Input material.
------------------------------------------------
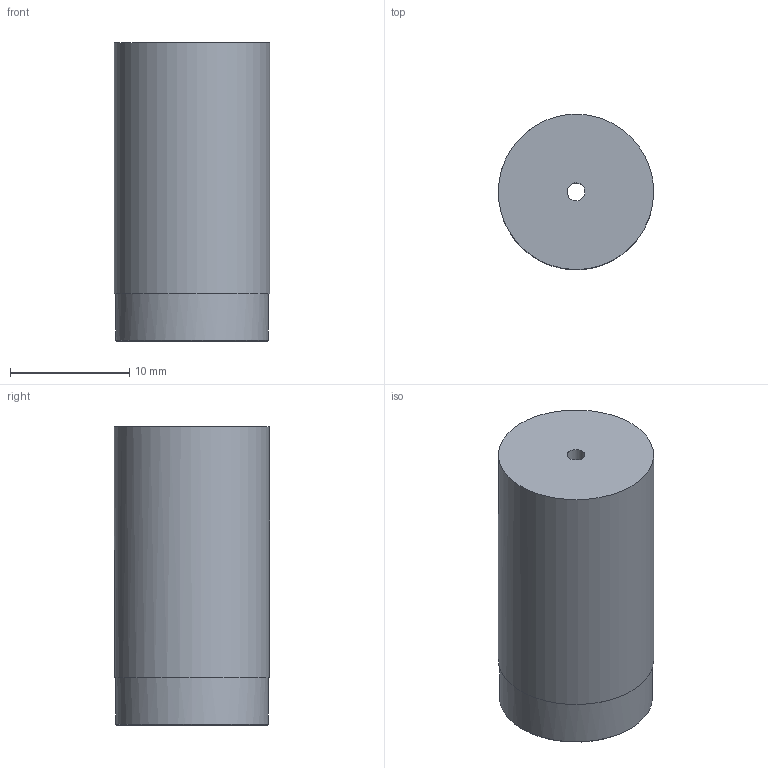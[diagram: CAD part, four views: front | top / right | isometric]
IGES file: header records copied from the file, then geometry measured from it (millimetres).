
Start section: C
Global section: file name: MSPBSC130825.igs; native system: By Siemens PLM Incorporated; preprocessor: XPlus GENERIC/IGES 18.0.17; author: Author; organization: Title; date: 20240726.162239; units: millimetre
Bounding box: 13 x 12.99 x 25 mm (x, y, z)
Volume: 2446.2 mm3; surface area: 1741.8 mm2
Topology: 1 solids, 1 shells, 283 faces, 735 edges, 490 vertices
Faces by surface type: bspline 283
------------------------------------------------
Work to be completed. Return the material above in exact form. Pictures stay out.

Answer to this task.
[diagram: CAD part, four views: front | top / right | isometric]
IGES file: header records copied from the file, then geometry measured from it (millimetres).
Start section: C
Global section: file name: MSPBSC130825.igs; native system: By Siemens PLM Incorporated; preprocessor: XPlus GENERIC/IGES 18.0.17; author: Author; organization: Title; date: 20240726.162239; units: millimetre
Bounding box: 13 x 12.99 x 25 mm (x, y, z)
Volume: 2446.2 mm3; surface area: 1741.8 mm2
Topology: 1 solids, 1 shells, 283 faces, 735 edges, 490 vertices
Faces by surface type: bspline 283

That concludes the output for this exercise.